The above results suggested that individualized pathway analysis could provide hints for revealing common and subtype-specific functional mechanisms of cancer. The functional analysis results also provided extra evidence for the authenticity of individualized DEGs at the functional level.

DISCUSSION

As demonstrated in this article, tens of millions of gene pairs with significantly stable REOs in a particular type of normal tissue, especially those with large expression differences, can be consistently detected by different platforms. This provides the basis for individual-level differential expression analysis for cancer samples measured by different platforms. Compared with RankComp based on highly stable REOs (e.g., stable in above 99% samples), RankComp based on significantly stable REOs can detect much more DEGs with slightly decrease of precision for each disease sample, as demonstrated by the results for both lung cancer and colorectal cancer. Individual-level DEGs analysis naturally enables us to perform pathway analysis at the individual level, which could reveal common functional mechanisms as well as subtype-specific functional mechanisms of cancer. This is totally different from the traditional population-level pathway analysis which cannot discriminate whether a significant pathway is altered in a group of patients (i.e., a subtype) or all patients. Furthermore, our results showed that almost all gene pairs had significantly stable REOs across samples for a given normal tissue. This indicated that the relative ordering of gene expression is overall stable in a particular type of normal human tissue, indicating that genes may need to express in a comprehensive coordination structure to carry normal function systematically [1].

Based on the significantly stable REOs consistently detected by multiple platforms for a particular type of tissue, DEGs and deregulated pathways for any disease sample measured by any of these platforms can be readily detected. This could be of particular valuable when we need to analyze multiple datasets of disease samples measured by different platforms to identify and validate various cancer signatures (such as prognostic signatures) [36]. Moreover, for a particular normal tissue, our result showed that, the significantly stable REOs consistently detected in more platforms tend to be more likely to remain consistent in a new platform. Especially, almost all (above 97%) significantly stable REOs consistently detected (binomial test, FDR<0.01) by the three microarray platforms could be reproducibly found by the RNA-sequencing platform. This might be helpful for analyzing disease samples measured by a less commonly used platforms when no or insufficient normal samples are measured by the platform for determining the stable REOs for this platform. Notably, a major limitation of selecting cross–platform stable REOs is that many truly stable REOs could be lost. As shown in Table 3, about half of the stable REOs detected by a particular platform will be lost when screening the stable REOs from samples measured by the four platforms for lung and colorectal tissue. Although our results indicated that it might be sufficient to detect DEGs based on the cross-platform stable REOs, the effects of using a certain percentage of stable REOs on the DEGs detection power need to be further studied.

In summary, a large fraction of the widely stable REOs in a particular type of normal tissue can be consistently detected in samples measured by different platforms. By fully using previously accumulated gene expression data of normal samples, RankComp is an economic and efficient method which can identify DEGs for individual disease samples measured by different platforms.

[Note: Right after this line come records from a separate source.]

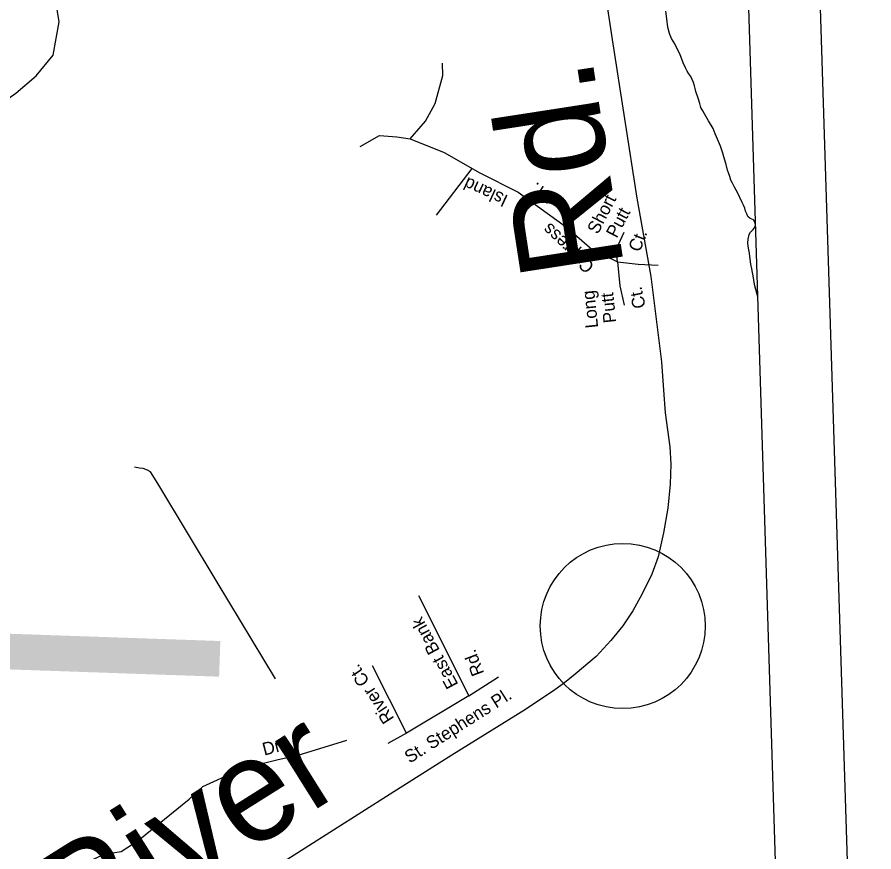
# Model space of a CAD drawing. Extents: x 2308163 to 2335412, y -96774 to 127732.
# Drawn here: x 2326403.9 to 2326493.2, y 123011.9 to 123098.9 of the extents above; entities that cross this region are included whole.
import ezdxf

# ---------------------------------------------------------------- set-up
doc = ezdxf.new("R2010")
doc.units = 0
for name, color, linetype in [('Default', 7, 'Continuous'), ('Old_Level_1', 7, 'Continuous'), ('Old_Level_10', 7, 'Continuous'), ('Old_Level_11', 7, 'Continuous'), ('Old_Level_22', 7, 'Continuous'), ('Old_Level_32', 7, 'Continuous'), ('Old_Level_35', 7, 'Continuous'), ('Old_Level_60', 7, 'Continuous')]:
    doc.layers.add(name, color=color, linetype=linetype)

msp = doc.modelspace()

# ---------------------------------------------------------------- linework, layer by layer
at = {"layer": 'Default'}
msp.add_circle((2326467.048, 123035.444), 8.606, dxfattribs=at)
at = {"layer": 'Old_Level_1'}
for p, q in [((2326493.248, 122923.687), (2326476.609, 123451.753)), ((2326485.516, 122930.947), (2326469.349, 123444.02))]:
    msp.add_line(p, q, dxfattribs=at)
at = {"layer": 'Old_Level_32'}
msp.add_lwpolyline([(2326464.59, 123105.565), (2326465.946, 123096.627), (2326468.532, 123080.073), (2326469.972, 123071.877), (2326470.737, 123065.77), (2326471.084, 123062.998), (2326471.291, 123060.035), (2326471.483, 123057.688), (2326471.95, 123054.139), (2326472.064, 123052.326), (2326471.992, 123050.237), (2326471.764, 123047.727), (2326471.285, 123045.155), (2326470.738, 123042.656), (2326470.072, 123040.836), (2326469.08, 123038.813), (2326468.096, 123037.039), (2326467.048, 123035.444), (2326465.789, 123033.927), (2326464.278, 123032.277), (2326462.085, 123030.403), (2326460.955, 123029.52), (2326459.961, 123028.792), (2326456.907, 123026.745), (2326449.229, 123021.977), (2326442.794, 123017.902), (2326430.969, 123010.413)], dxfattribs=at)
at = {"layer": 'Old_Level_35'}
for points in [[(2326367.517, 123068.14), (2326400.847, 123088.994), (2326403.727, 123091.022), (2326405.832, 123092.821), (2326407.609, 123094.972), (2326408.24, 123098.439), (2326407.75, 123101.519)], [(2326444.854, 123086.238), (2326446.47, 123088.078), (2326447.483, 123089.94), (2326448.273, 123092.843), (2326448.231, 123094.138)], [(2326439.652, 123085.469), (2326441.675, 123086.606), (2326443.481, 123086.457), (2326444.854, 123086.238), (2326448.428, 123084.821), (2326452.15, 123082.711), (2326456.134, 123080.677), (2326461.185, 123077.055), (2326463.865, 123074.721), (2326466.494, 123073.424), (2326466.366, 123074.721), (2326467.204, 123076.502)], [(2326447.599, 123078.299), (2326451.341, 123083.17)], [(2326466.494, 123073.424), (2326466.752, 123070.915), (2326467.201, 123068.917)], [(2326466.494, 123073.424), (2326468.642, 123073.177), (2326470.736, 123073.089)], [(2326430.8, 123029.949), (2326424.741, 123040.012), (2326418.528, 123050.32), (2326417.782, 123051.522), (2326417.462, 123051.687), (2326417.021, 123051.858), (2326416.615, 123051.909), (2326416.088, 123052.006)], [(2326445.747, 123038.609), (2326450.994, 123028.17), (2326454.08, 123030.133)], [(2326444.476, 123024.258), (2326440.922, 123031.276)], [(2326450.994, 123028.17), (2326444.476, 123024.258), (2326442.542, 123023.204)], [(2326389.796, 123003.474), (2326397.713, 123004.925), (2326400.838, 123005.506), (2326405.508, 123005.863), (2326407.802, 123007.335), (2326409.578, 123008.825), (2326411.2, 123010.838), (2326412.988, 123011.638), (2326414.723, 123011.923), (2326416.487, 123013.069), (2326421.811, 123017.368), (2326423.237, 123018.698), (2326427.444, 123020.622), (2326431.098, 123021.53), (2326433.183, 123021.975), (2326438.24, 123023.525)]]:
    msp.add_lwpolyline(points, dxfattribs=at)
at = {"layer": 'Old_Level_60'}
for points in [[(2326472.145, 123096.732), (2326471.921, 123097.238), (2326471.793, 123097.755), (2326471.708, 123098.144), (2326471.665, 123098.476), (2326471.554, 123099.557)], [(2326480.261, 123074.329), (2326480.191, 123074.677), (2326480.128, 123075.065), (2326480.093, 123075.417), (2326480.124, 123075.787), (2326480.224, 123076.266), (2326480.362, 123076.505), (2326480.669, 123076.809), (2326480.861, 123077.062), (2326480.898, 123077.315), (2326480.83, 123077.561), (2326480.673, 123077.79), (2326480.331, 123077.959), (2326480.104, 123078.15), (2326479.989, 123078.413), (2326479.871, 123078.717), (2326479.772, 123079.03), (2326479.633, 123079.34), (2326479.5, 123079.614), (2326479.262, 123080.145), (2326479.109, 123080.43), (2326478.872, 123080.911), (2326478.712, 123081.211), (2326478.482, 123081.615), (2326478.326, 123081.926), (2326478.209, 123082.306), (2326478.072, 123082.707), (2326477.989, 123082.999), (2326477.836, 123083.589), (2326477.589, 123084.385), (2326477.479, 123084.77), (2326477.344, 123085.161), (2326477.243, 123085.484), (2326476.816, 123086.464), (2326476.688, 123086.769), (2326476.467, 123087.325), (2326475.991, 123088.129), (2326475.587, 123088.859), (2326475.397, 123089.181), (2326475.204, 123089.533), (2326475.083, 123089.929), (2326474.964, 123090.4), (2326474.683, 123091.177), (2326474.599, 123091.485), (2326474.536, 123091.792), (2326474.444, 123092.125), (2326474.306, 123092.43), (2326474.14, 123092.746), (2326473.951, 123093.032), (2326473.778, 123093.317), (2326473.596, 123093.648), (2326473.356, 123094.185), (2326472.986, 123095.107), (2326472.734, 123095.65), (2326472.475, 123096.162), (2326472.145, 123096.732)], [(2326481.146, 123069.771), (2326481.023, 123070.161), (2326480.812, 123070.91), (2326480.749, 123071.289), (2326480.658, 123071.947), (2326480.591, 123072.3), (2326480.503, 123072.705), (2326480.42, 123073.175), (2326480.318, 123073.991), (2326480.261, 123074.329)]]:
    msp.add_lwpolyline(points, dxfattribs=at)

# ---------------------------------------------------------------- texts
at = {"layer": 'Old_Level_10'}
for s, height, rotation, p in [(' Island ', 1.3328, 155.20343, (2326455.625, 123080.092)), ('Dr.', 1.3328, 146.86381, (2326459.998, 123080.5)), ('Short', 1.3328, 62.50556, (2326464.445, 123076.221)), ('Putt', 1.3328, 62.50556, (2326466.414, 123075.82)), ('Cypress', 1.3328, 136.19916, (2326464.166, 123073.053)), ('Ct.', 1.3328, 68.66812, (2326468.82, 123074.361)), ('Long', 1.3328, 95.97678, (2326464.489, 123066.567)), ('Ct.', 1.3328, 101.76918, (2326469.452, 123068.698)), ('Putt', 1.3328, 95.97678, (2326466.376, 123067.107)), ('East Bank', 1.3328, 118.32588, (2326449.924, 123029.348)), ('Rd.', 1.3328, 110.76451, (2326452.611, 123030.53)), ('River Ct.', 1.3328, 123.40587, (2326443.242, 123025.798)), ('St. Stephens Pl.', 1.33284, 32.47615, (2326444.814, 123021.076)), ('Dr.', 1.3328, 14.48431, (2326429.639, 123021.92))]:
    msp.add_text(s, height=height, rotation=rotation, dxfattribs=at).set_placement(p)
at = {"layer": 'Old_Level_11'}
for s, rotation, p in [('Rd.', 98.78086, (2326467.225, 123072.804)), ('River', 32.15379, (2326409.92, 123000.521))]:
    msp.add_text(s, height=10.796, rotation=rotation, dxfattribs=at).set_placement(p)
at = {"layer": 'Old_Level_22'}
msp.add_text('T', height=29.989, rotation=88.02472, dxfattribs=at).set_placement((2326424.572, 123019.787))

doc.saveas('drawing.dxf')

Moreover, the individual-level analysis of DEGs can also provide the possibility to identify robust diagnostic and prognostic biomarker for precision medicine [36].

MATERIALS AND METHODS

Data and preprocessing

The gene expression profiles analyzed in this study are described in Table 1. The data generated with three commonly used microarray platforms (Affymetrix, Illumina, Agilent) were downloaded from Gene Expression Omnibus [37] (GEO, http://www.ncbi.nlm.nih.gov/geo/) and the mRNA-seq data measured by RNA-sequencing platform were downloaded from GEO and TCGA [38] (http://cancergenome.nih.gov/).

For the data measured by the Affymetrix platform, we downloaded the raw mRNA expression data (.CEL files) and used the Robust Multi-array Average algorithm for background adjustment [39]. For the data measured by the Illumina platform, we directly downloaded the processed data. For the data measured by the Agilent platform, we downloaded the raw fluorescent signal intensities data of the channel (gMedianSignal or rMedianSignal) for normal samples and used the intensities to minus the corresponding background signal intensities as the probe-expression matrix. Especially, for the data of TCGA, we directly downloaded the expression data of level 3.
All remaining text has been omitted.